TASK:
A word-for-word retyping of the listing below is required, with the pictures dropped.

DATA FOR REVIEW:
╭──

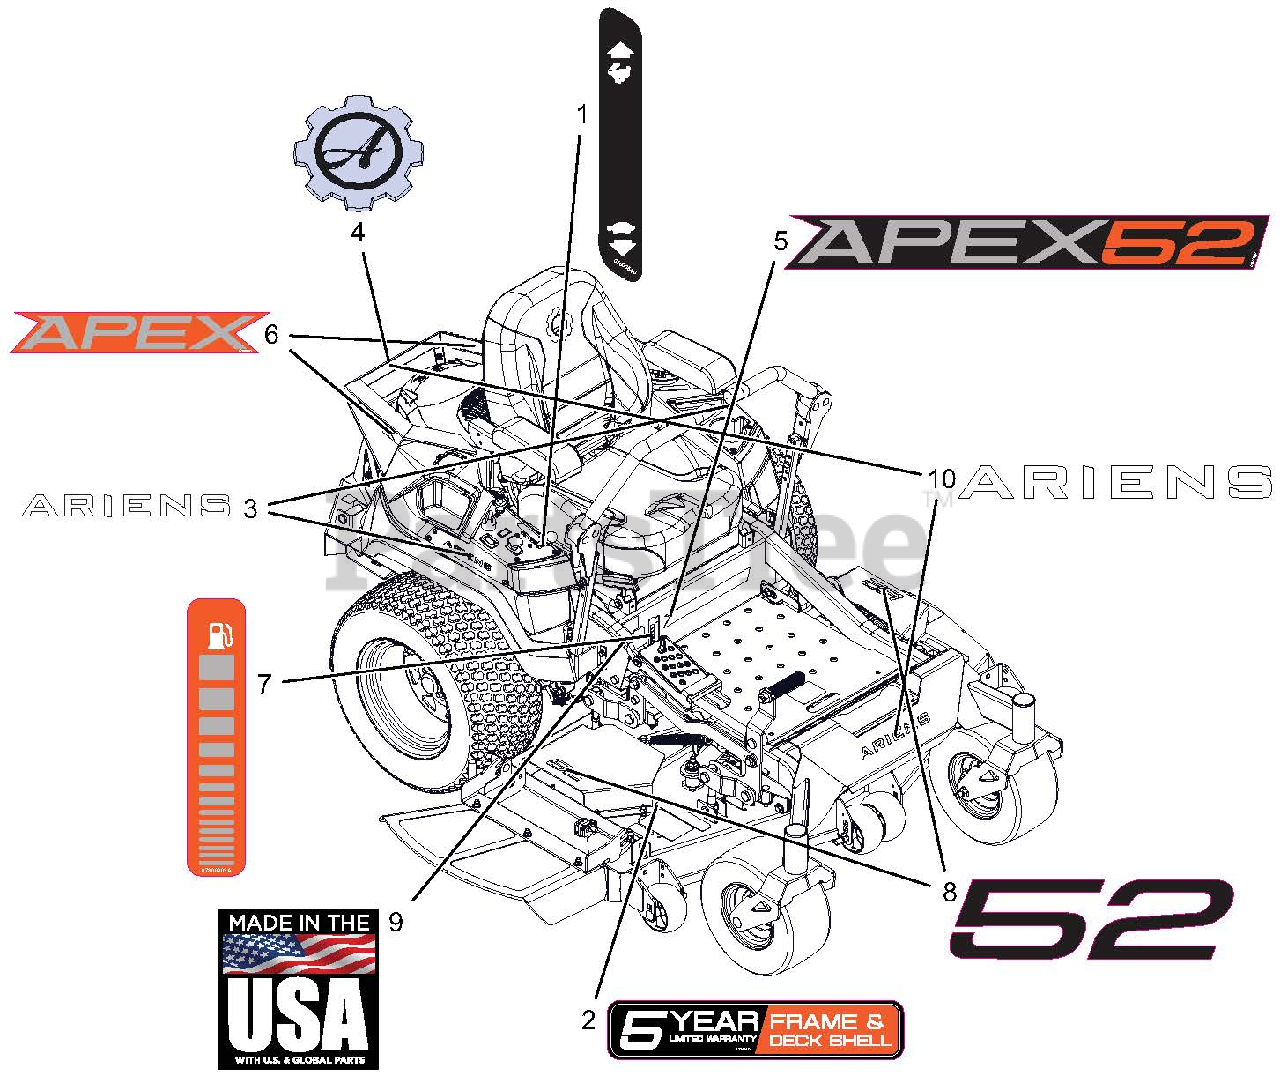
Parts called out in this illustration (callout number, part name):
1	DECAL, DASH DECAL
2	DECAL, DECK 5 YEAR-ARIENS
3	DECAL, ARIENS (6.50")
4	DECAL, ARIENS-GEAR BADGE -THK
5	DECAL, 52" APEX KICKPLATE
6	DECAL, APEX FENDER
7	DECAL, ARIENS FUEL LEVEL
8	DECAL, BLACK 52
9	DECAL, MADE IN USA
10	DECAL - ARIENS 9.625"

╰──

ANSWER SPACE:
Parts called out in this illustration (callout number, part name):
1	DECAL, DASH DECAL
2	DECAL, DECK 5 YEAR-ARIENS
3	DECAL, ARIENS (6.50")
4	DECAL, ARIENS-GEAR BADGE -THK
5	DECAL, 52" APEX KICKPLATE
6	DECAL, APEX FENDER
7	DECAL, ARIENS FUEL LEVEL
8	DECAL, BLACK 52
9	DECAL, MADE IN USA
10	DECAL - ARIENS 9.625"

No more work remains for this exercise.